# Remove MIPS on TLD???



## eatdrinkride (Jun 15, 2005)

I'm guessing this has been covered but a quick G-search shows nothing and I need to grab a deal before it's gone...

Can I remove the MIPS liner from a TLD A1 MIPS?

Found a deal on one locally but the fit seemed better on the non-MIPS. Can I convert if needed without hacking it up?


----------



## Harold (Dec 23, 2003)

based on all the mips helmets I've seen, removing the mips liner will involve some hacking if you want to remove the liner and all the little attachment points to the shell. plus transferring the pads from the mips liner to the foam.

Wouldn't be hard to do, but it would be a hack.


----------



## eatdrinkride (Jun 15, 2005)

Harold said:


> based on all the mips helmets I've seen, removing the mips liner will involve some hacking if you want to remove the liner and all the little attachment points to the shell. plus transferring the pads from the mips liner to the foam.
> 
> Wouldn't be hard to do, but it would be a hack.


Thanks. Don't mind modifying but don't want to end up with small bits poking into my head. Was hoping it was a simple "kit" to be installed or removed.

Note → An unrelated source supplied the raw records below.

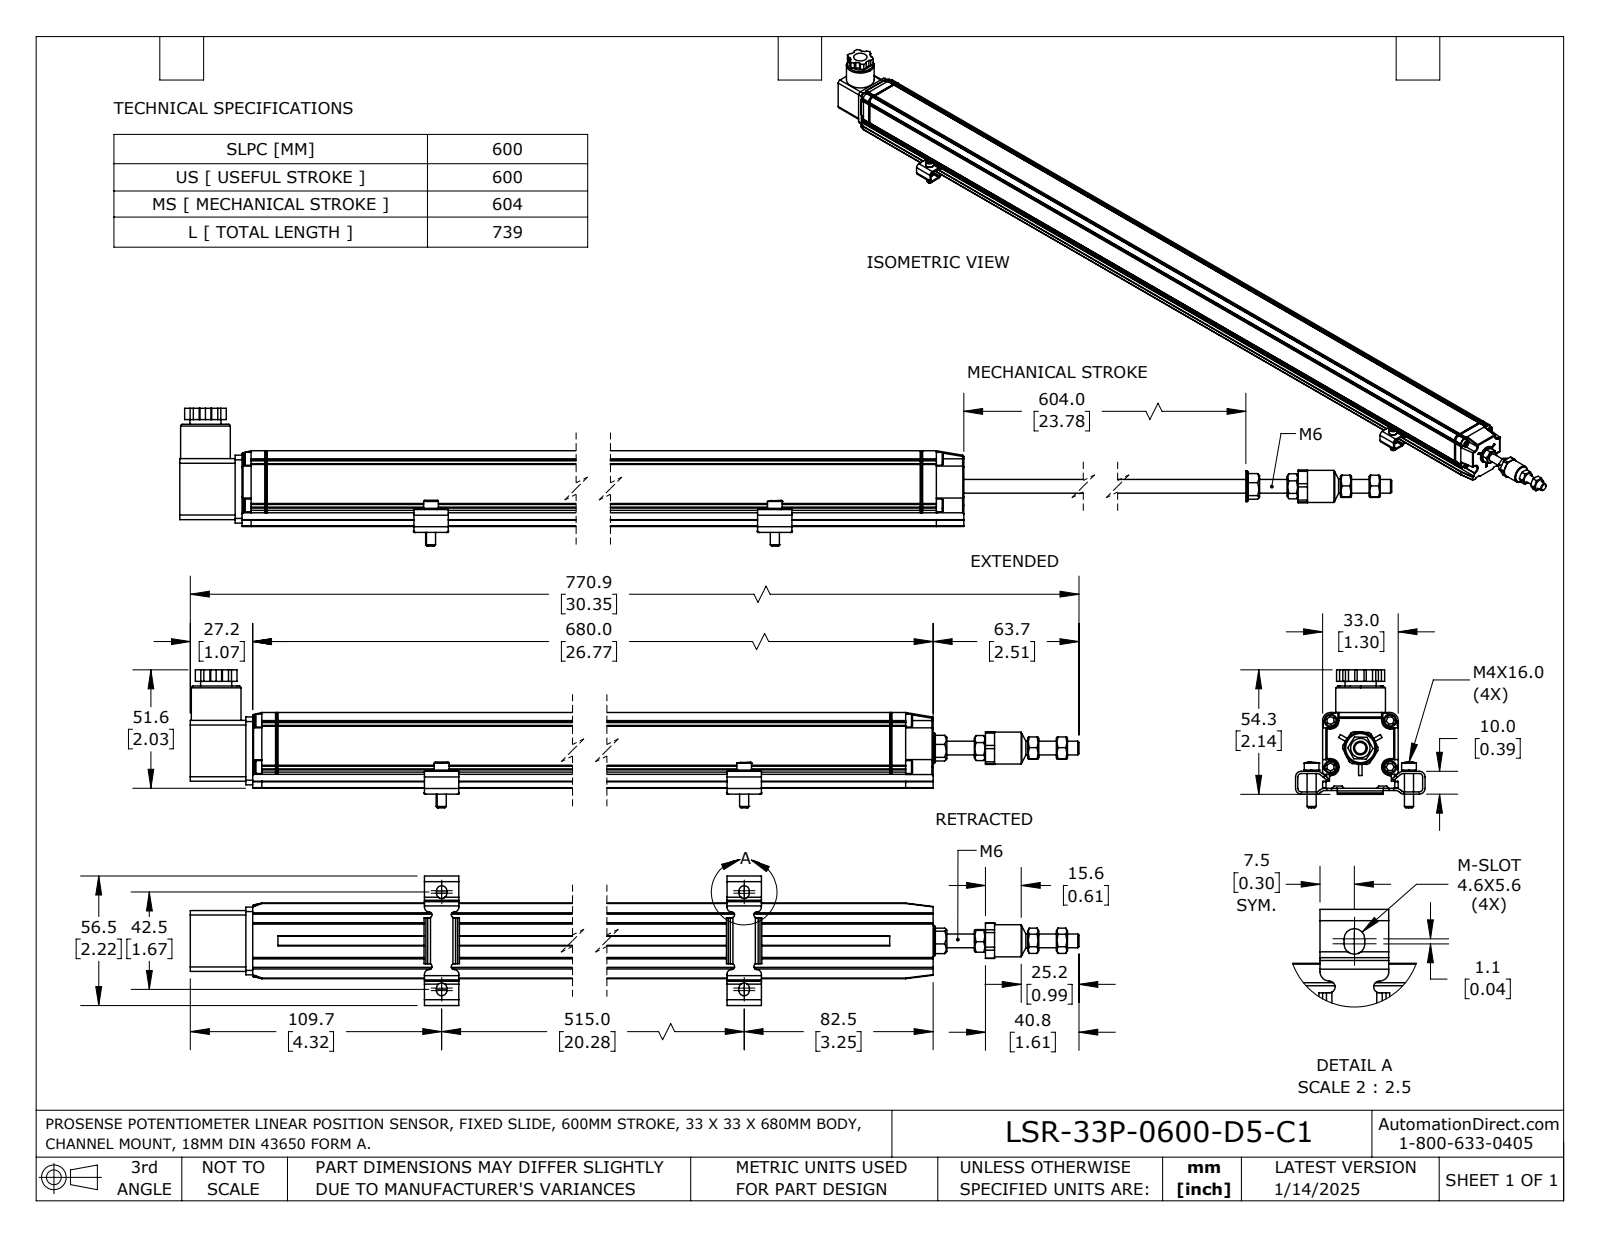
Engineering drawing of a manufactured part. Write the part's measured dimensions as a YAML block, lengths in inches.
part_name: "LSR-33P-0600-D5-C1"
step_written_by: "SolidWorks 2023 (AUTOMOTIVE_DESIGN)"
units: inches
bodies: {solids: 14, faces: 995, planar: 641, cylindrical: 269, other: 85}
overall_size: [30.348, 2.37, 2.224]
volume: 41.82
surface_area: 257.1
round_holes:
  - {diameter: 0.106, count: 4}
  - {diameter: 0.13, count: 4}
  - {diameter: 0.169, count: 1}
  - {diameter: 0.205, count: 1}
  - {diameter: 0.209, count: 1}
  - {diameter: 0.232, count: 1}
  - {diameter: 0.276, count: 1}
  - {diameter: 0.285, count: 1}
  - {diameter: 0.394, count: 1}
  - {diameter: 0.413, count: 1}
  - {diameter: 0.573, count: 1}
  - {diameter: 0.602, count: 1}
round_bosses_or_shafts:
  - {diameter: 0.157, count: 5}
  - {diameter: 0.118, count: 5}
  - {diameter: 0.256, count: 4}
  - {diameter: 0.22, count: 4}
  - {diameter: 0.854, count: 1}
  - {diameter: 0.551, count: 1}
  - {diameter: 0.535, count: 1}
  - {diameter: 0.528, count: 1}
partial_cylinders:
  - {radius: 0.079, count: 28}
  - {radius: 0.02, count: 23}
  - {radius: 0.008, count: 16}
  - {radius: 0.051, count: 8}
  - {radius: 0.059, count: 8}
  - {radius: 0.089, count: 8}
  - {radius: 0.118, count: 8}
  - {radius: 0.039, count: 4}
face_to_face_distances: [1.299, 0.118, 0.22, 1.181, 1.079, 0.039, 0.079, 0.142, 1.22, 0.185]
hole_center_spacings: [0.047, 0.583, 0.607, 0.696, 0.73, 0.799, 1.024, 1.299]

I'll buy (or not) expecting to keep it as MIPS.


----------



## Forest Rider (Oct 29, 2018)

Something maybe worth consideration.

Helmets theoretically have a life span. Is the A1 nearing end of life already -they haven't been made for a few years now.


----------



## eatdrinkride (Jun 15, 2005)

Forest Rider said:


> Something maybe worth consideration.
> 
> Helmets theoretically have a life span. Is the A1 nearing end of life already -they haven't been made for a few years now.


Well that could be. I see 2018s for sale but who knows what the manufacture date really is of those. Plus they still have them on the TLD website. I assumed those are 2019 s. Maybe those are just old stock.

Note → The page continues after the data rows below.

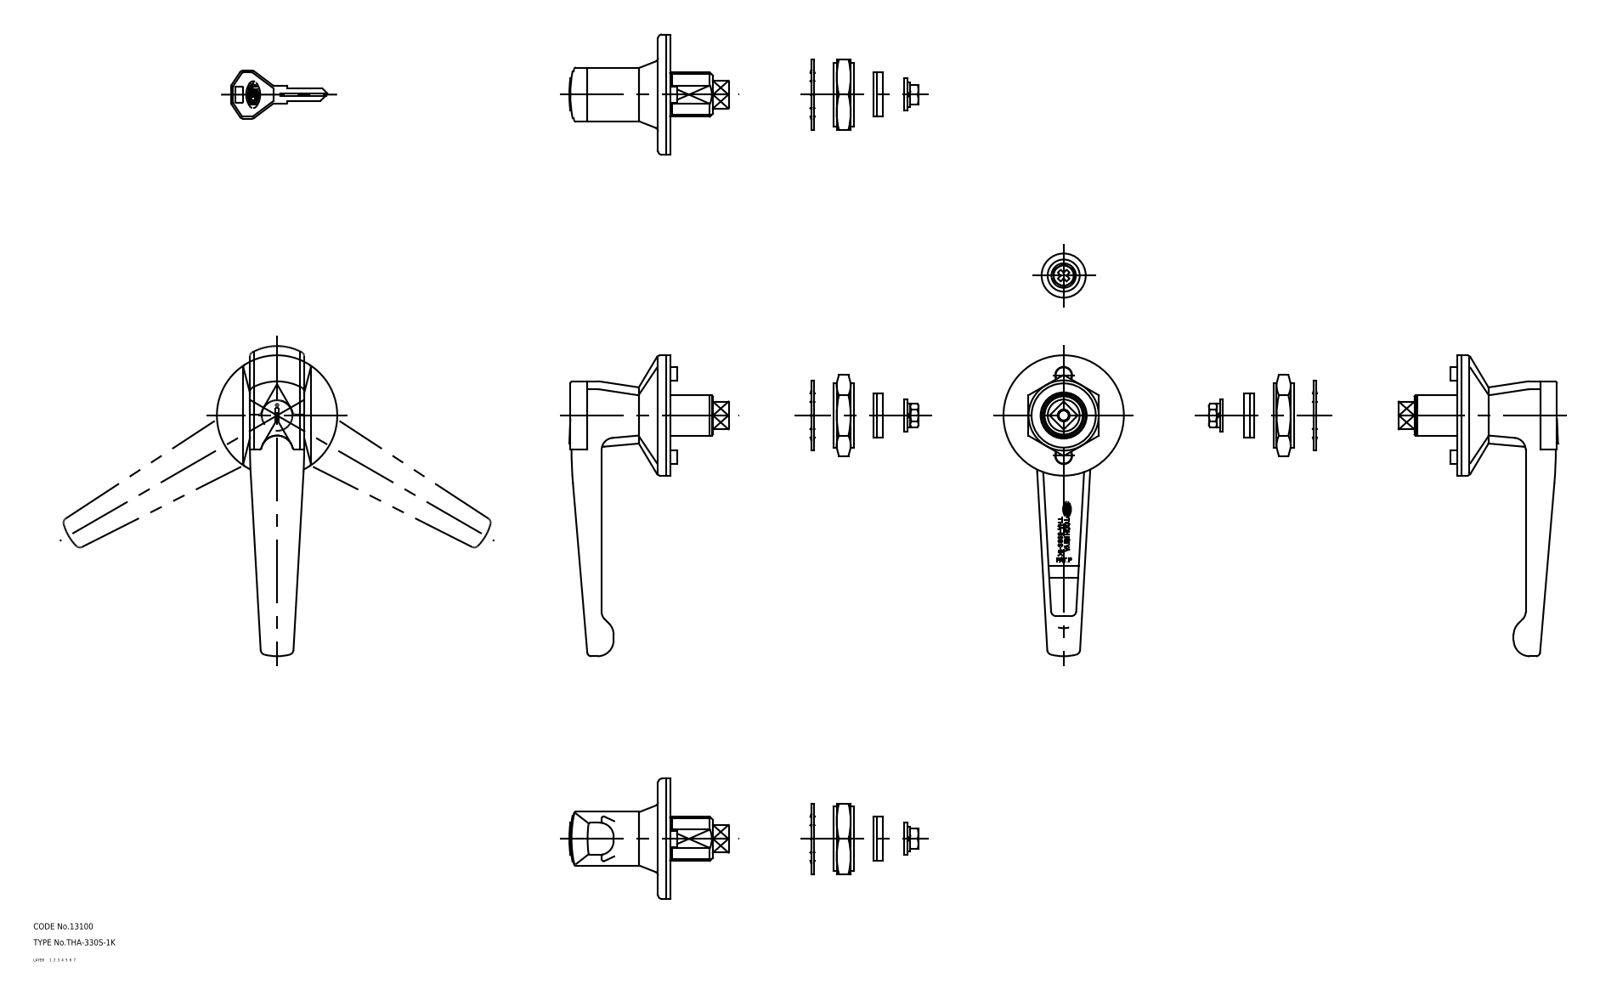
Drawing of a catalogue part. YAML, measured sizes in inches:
part_name: "washer_D; washer_C; washer_B; washer_A (+8 more)"
step_written_by: "CADfix (AUTOMOTIVE_DESIGN)"
units: inches
bodies: {solids: 11, faces: 349, planar: 0, cylindrical: 0, other: 349}
overall_size: [5.906, 5.86, 2.362]
volume: 5.367
surface_area: 64.85
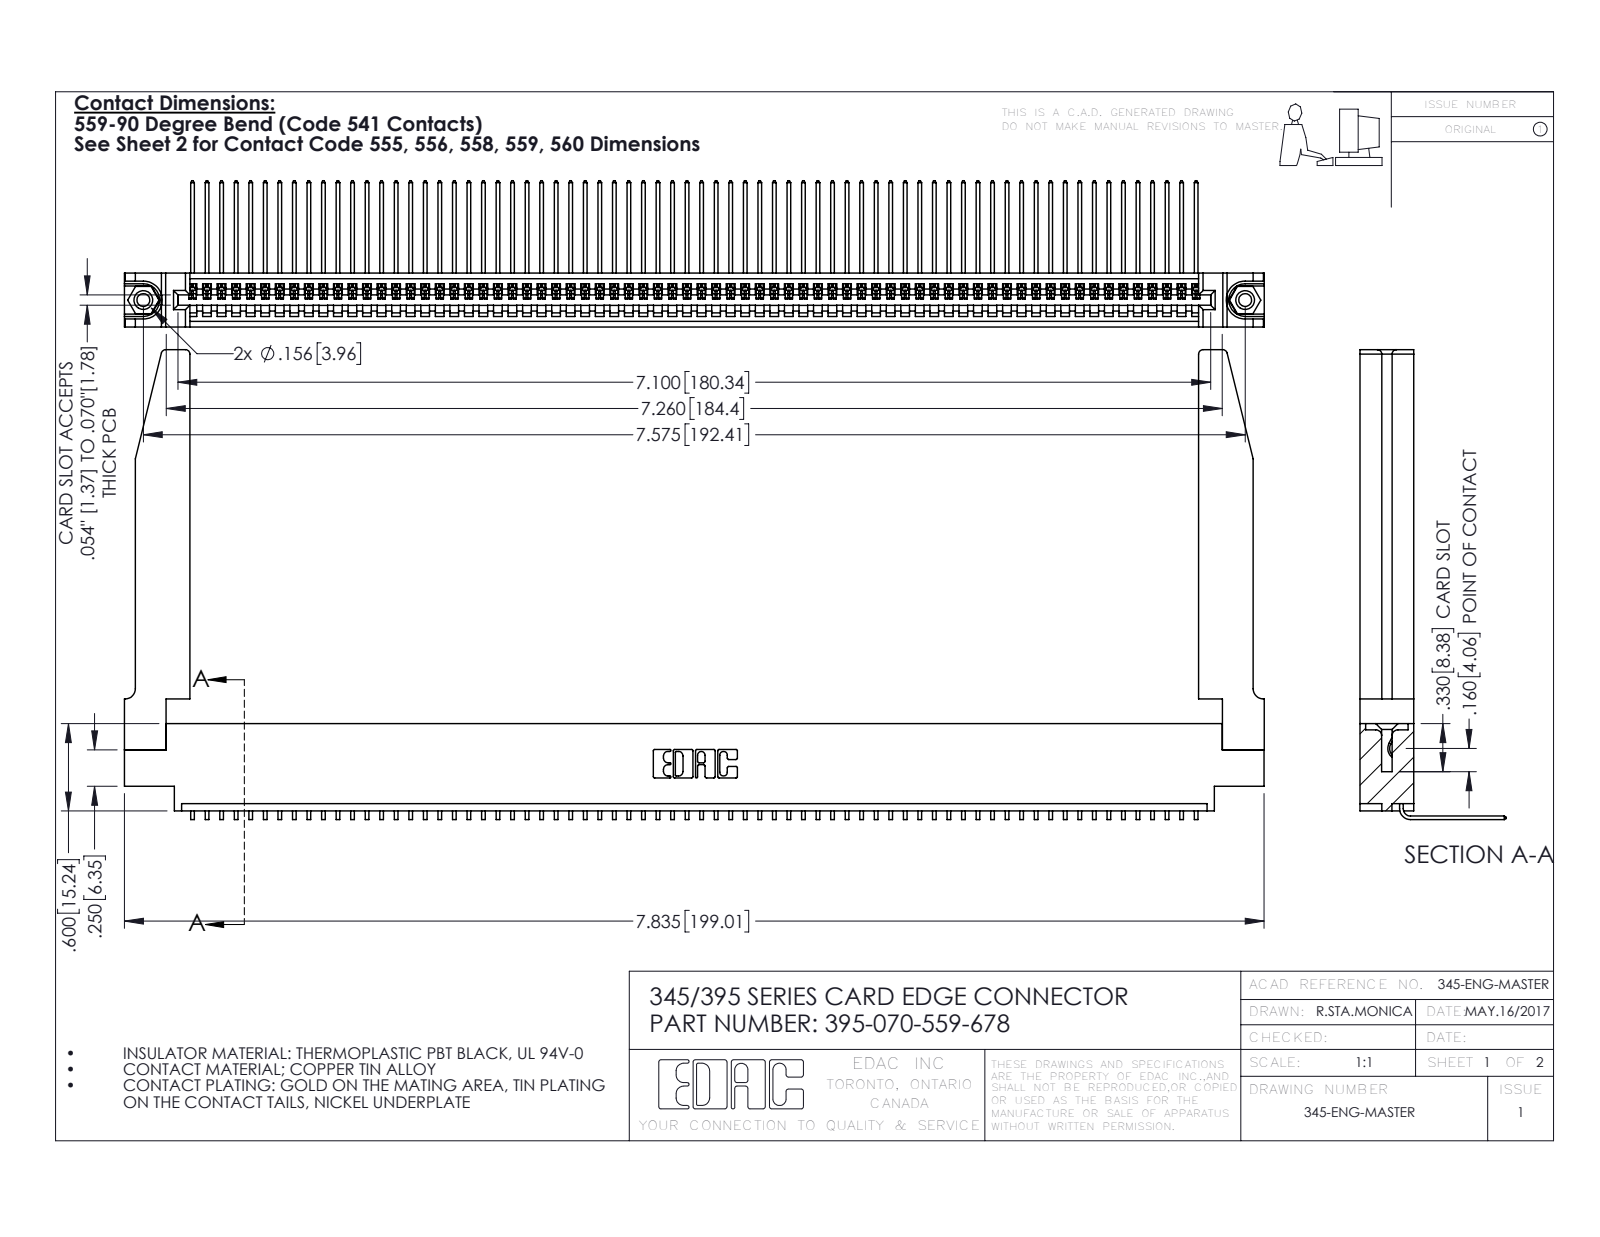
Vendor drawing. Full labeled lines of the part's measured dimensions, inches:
Part name (STEP PRODUCT): 395-070-559-678; 345-220-078_345-220-078; 345 Part_0.170 Offset - 0.156 Dia-TH; 345-250-001_345-250-001-102 (+1 more)
STEP written by: SolidWorks 2016 (CONFIG_CONTROL_DESIGN)
Units: inches
Bodies: 75 solids, 4564 faces (3166 planar, 1346 cylindrical, 52 other)
Overall size (bounding box): 7.836 × 3.229 × 1.005
Volume: 1.649 in³ · Surface area: 53.18 in²
Round holes (diameter × count): ⌀0.089 ×2, ⌀0.125 ×2, ⌀0.156 ×2, ⌀0.064 ×1
Round bosses / shafts (diameter × count): ⌀0.155 ×2
Partial cylindrical surfaces — rounded edges, fillets, slot ends (radius × count): R0.006 ×140, R0.01 ×22, R0.03 ×8, R0.007 ×6, R0.031 ×6, R0.026 ×3, R0.031 ×2, R0.04 ×2
Main face-to-face distances: 0.37, 0.072, 0.298, 0.098, 0.272, 0.025, 0.2, 0.225, 0.175, 0.149
Hole centre spacings: 0.27, 7.339, 7.575

At any rate, the helmet I just replaced was 10 years old so I'm not too worried about it. But yeah, theoretically I get what you're saying.

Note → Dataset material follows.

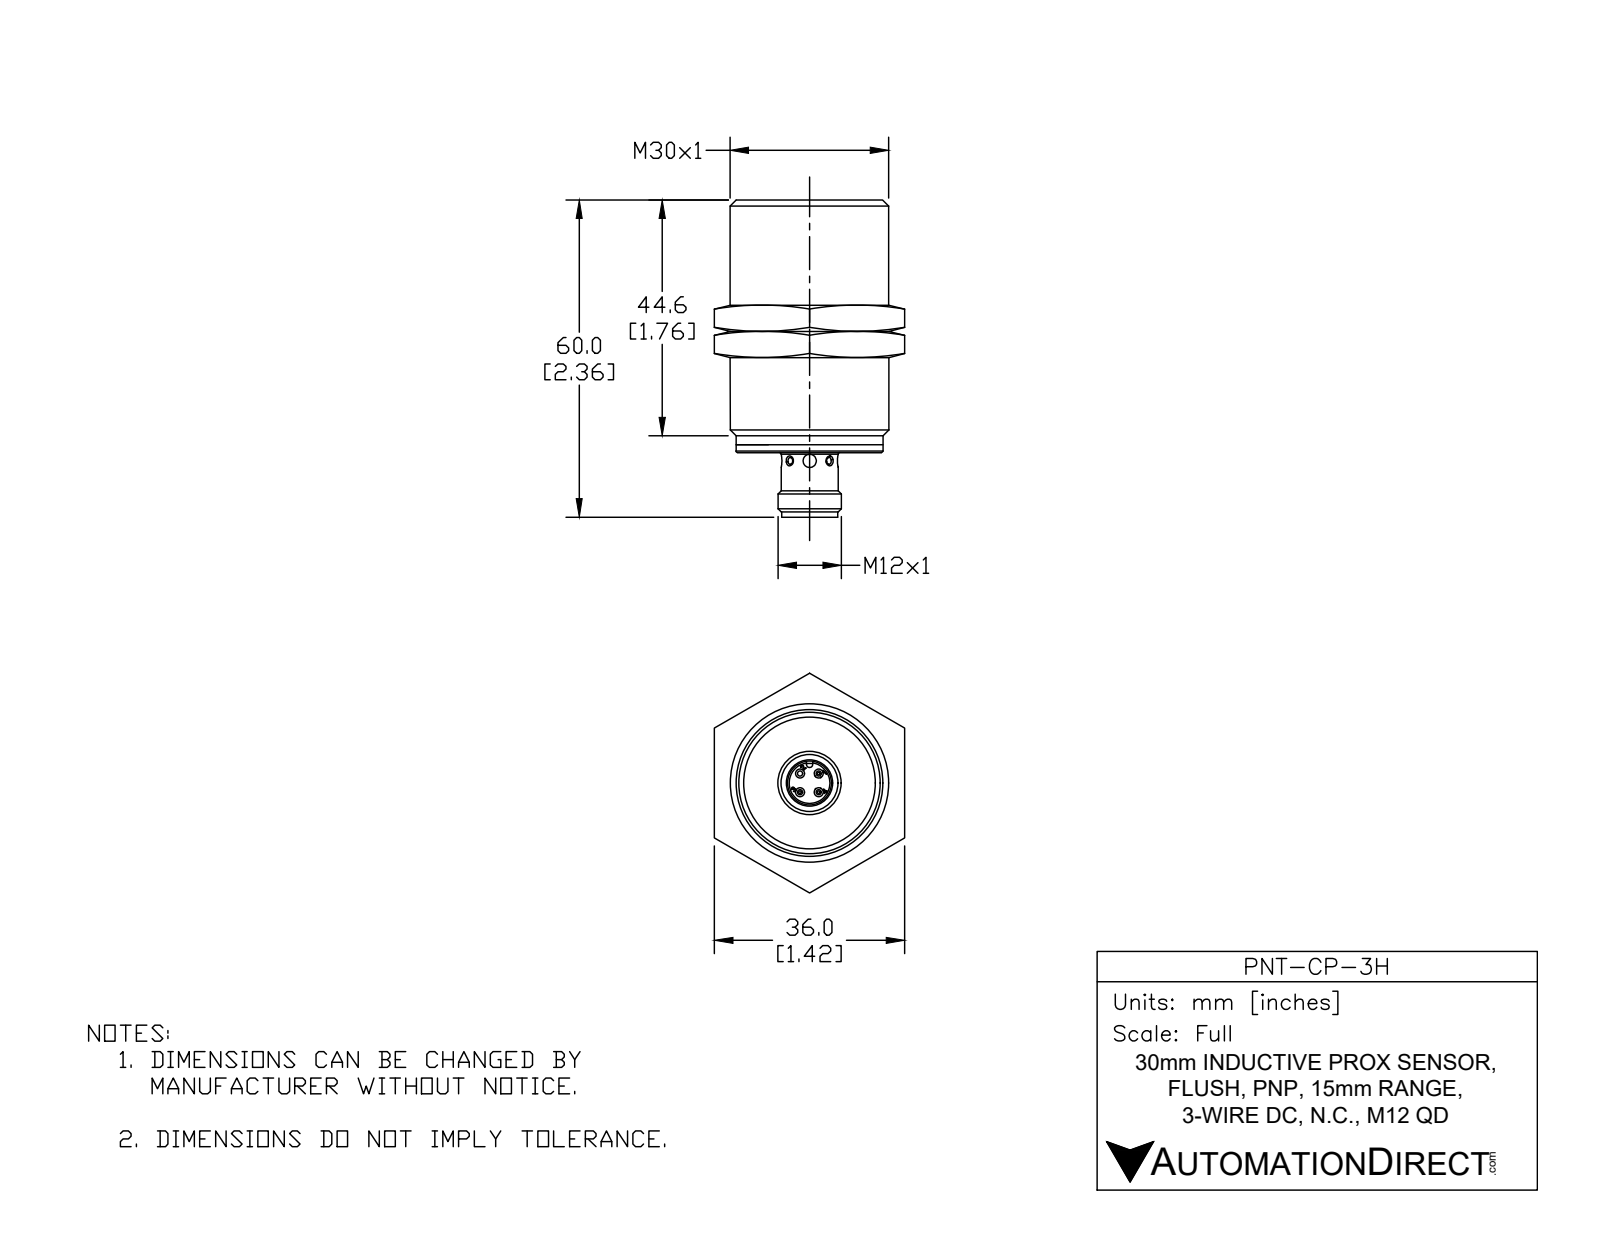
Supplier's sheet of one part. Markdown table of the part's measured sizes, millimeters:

On a side note, my local REI has a ton of A1s, I can't imagine they're selling stock from several years ago. Last year stock yeah I could see that. But who knows. when I get a chance this week I'll stop by and see what the manufacture date sticker says on those.


----------



## mtnbkrmike (Mar 26, 2015)

Forest Rider said:


> Something maybe worth consideration.
> 
> Helmets theoretically have a life span. Is the A1 nearing end of life already -they haven't been made for a few years now.


Is this a fact? I have never heard this before. Impacts? Obviously. Sitting in a box unpackaged? Never heard of a helmet deteriorating on its own in this fashion. It's plastic. That **** will be around when all there is left are cockroaches. Or at least I would have thought.


----------



## mfa81 (Apr 1, 2011)

mtnbkrmike said:


> Is this a fact? I have never heard this before. Impacts? Obviously. Sitting in a box unpackaged? Never heard of a helmet deteriorating on its own in this fashion. It's plastic. That **** will be around when all there is left are cockroaches. Or at least I would have thought.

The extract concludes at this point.